• **Activity**: From the first line to the last, output the data exactly as it stands, minus its pictures.
──────── Provided records
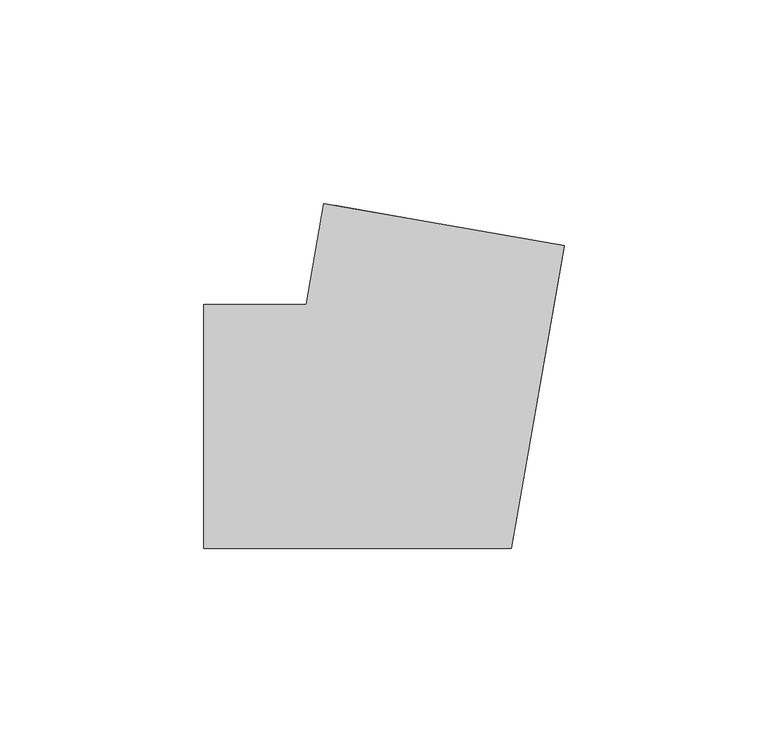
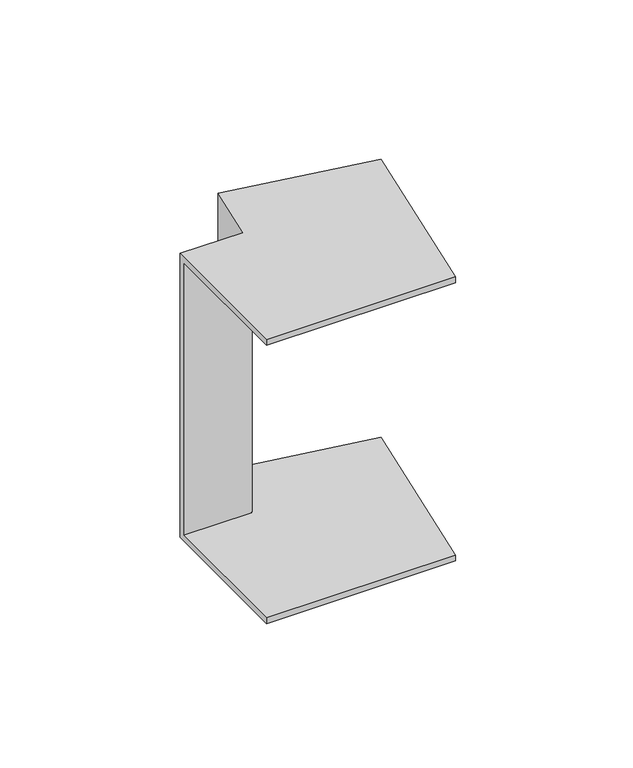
"""IFC4 building model written with IfcOpenShell, lengths in millimetres: cable carrier fitting geometry, КНС_УголВнешний_ILC_DKC : Угол внешний_DKC."""

from ifc_helpers import new_model, si_unit, origin, place, context, project, spatial, faceted_brep, source, transform, mapped, element, save


def cable_carrier_fitting_27f110be(model_context):
    return source(origin(), model_context, "Body", "Brep", [
        faceted_brep([(-50.3459779, 30.0, 60.0), (-50.3459779, 30.0, -60.0), (-50.3459779, -30.0, -60.0), (-50.3459779, -30.0, -57.5), (-50.3459779, 27.5, -57.5), (-50.3459779, 27.5, 57.5), (-50.3459779, -30.0, 57.5), (-50.3459779, -30.0, 60.0), (-20.8017453, 54.7905547, 60.0), (38.2867199, 44.371664, 60.0), (38.2867199, 44.371664, 57.5), (-18.3397259, 54.3564342, 57.5), (-18.3397259, 54.3564342, -57.5), (38.2867199, 44.371664, -57.5), (38.2867199, 44.371664, -60.0), (-20.8017453, 54.7905547, -60.0), (-25.1729889, 30.0, 60.0), (-25.1729889, 30.0, -60.0), (25.1729889, -30.0, -60.0), (25.1729889, -30.0, -57.5), (-23.0752399, 27.5, -57.5), (-23.0752399, 27.5, 57.5), (25.1729889, -30.0, 57.5), (25.1729889, -30.0, 60.0)], [[[0, 1, 2, 3, 4, 5, 6, 7]], [[8, 9, 10, 11, 12, 13, 14, 15]], [[1, 0, 16, 17]], [[2, 1, 17, 15, 14, 18]], [[3, 2, 18, 19]], [[4, 3, 19, 13, 12, 20]], [[5, 4, 20, 21]], [[6, 5, 21, 11, 10, 22]], [[7, 6, 22, 23]], [[0, 7, 23, 9, 8, 16]], [[17, 16, 8, 15]], [[19, 18, 14, 13]], [[21, 20, 12, 11]], [[23, 22, 10, 9]]]),
    ])


if __name__ == "__main__":
    model = new_model("IFC4")
    model_context = context("Model", 3, world=origin())
    ifc_project = project(units=[si_unit("LENGTHUNIT", "METRE", prefix="MILLI")], contexts=[model_context])
    site = spatial("IfcSite", under=ifc_project)
    building = spatial("IfcBuilding", under=site)
    placement = place(None, origin())
    cable_carrier_fitting_shape = cable_carrier_fitting_27f110be(model_context)
    element("IfcCableCarrierFitting", 1, ObjectType="КНС_УголВнешний_ILC_DKC : Угол внешний_DKC", at=placement, inside=building, context=model_context, shape_type="MappedRepresentation", body=[
        mapped(cable_carrier_fitting_shape, transform((0.0, 0.0, 0.0), x_axis=(1.0, 0.0, 0.0), y_axis=(0.0, 1.0, 0.0), z_axis=(0.0, 0.0, 1.0))),
    ])
    save(model, "model.ifc")
────────────────
• **Answer area**:
"""IFC4 building model written with IfcOpenShell, lengths in millimetres: cable carrier fitting geometry, КНС_УголВнешний_ILC_DKC : Угол внешний_DKC."""

from ifc_helpers import new_model, si_unit, origin, place, context, project, spatial, faceted_brep, source, transform, mapped, element, save


def cable_carrier_fitting_27f110be(model_context):
    return source(origin(), model_context, "Body", "Brep", [
        faceted_brep([(-50.3459779, 30.0, 60.0), (-50.3459779, 30.0, -60.0), (-50.3459779, -30.0, -60.0), (-50.3459779, -30.0, -57.5), (-50.3459779, 27.5, -57.5), (-50.3459779, 27.5, 57.5), (-50.3459779, -30.0, 57.5), (-50.3459779, -30.0, 60.0), (-20.8017453, 54.7905547, 60.0), (38.2867199, 44.371664, 60.0), (38.2867199, 44.371664, 57.5), (-18.3397259, 54.3564342, 57.5), (-18.3397259, 54.3564342, -57.5), (38.2867199, 44.371664, -57.5), (38.2867199, 44.371664, -60.0), (-20.8017453, 54.7905547, -60.0), (-25.1729889, 30.0, 60.0), (-25.1729889, 30.0, -60.0), (25.1729889, -30.0, -60.0), (25.1729889, -30.0, -57.5), (-23.0752399, 27.5, -57.5), (-23.0752399, 27.5, 57.5), (25.1729889, -30.0, 57.5), (25.1729889, -30.0, 60.0)], [[[0, 1, 2, 3, 4, 5, 6, 7]], [[8, 9, 10, 11, 12, 13, 14, 15]], [[1, 0, 16, 17]], [[2, 1, 17, 15, 14, 18]], [[3, 2, 18, 19]], [[4, 3, 19, 13, 12, 20]], [[5, 4, 20, 21]], [[6, 5, 21, 11, 10, 22]], [[7, 6, 22, 23]], [[0, 7, 23, 9, 8, 16]], [[17, 16, 8, 15]], [[19, 18, 14, 13]], [[21, 20, 12, 11]], [[23, 22, 10, 9]]]),
    ])


if __name__ == "__main__":
    model = new_model("IFC4")
    model_context = context("Model", 3, world=origin())
    ifc_project = project(units=[si_unit("LENGTHUNIT", "METRE", prefix="MILLI")], contexts=[model_context])
    site = spatial("IfcSite", under=ifc_project)
    building = spatial("IfcBuilding", under=site)
    placement = place(None, origin())
    cable_carrier_fitting_shape = cable_carrier_fitting_27f110be(model_context)
    element("IfcCableCarrierFitting", 1, ObjectType="КНС_УголВнешний_ILC_DKC : Угол внешний_DKC", at=placement, inside=building, context=model_context, shape_type="MappedRepresentation", body=[
        mapped(cable_carrier_fitting_shape, transform((0.0, 0.0, 0.0), x_axis=(1.0, 0.0, 0.0), y_axis=(0.0, 1.0, 0.0), z_axis=(0.0, 0.0, 1.0))),
    ])
    save(model, "model.ifc")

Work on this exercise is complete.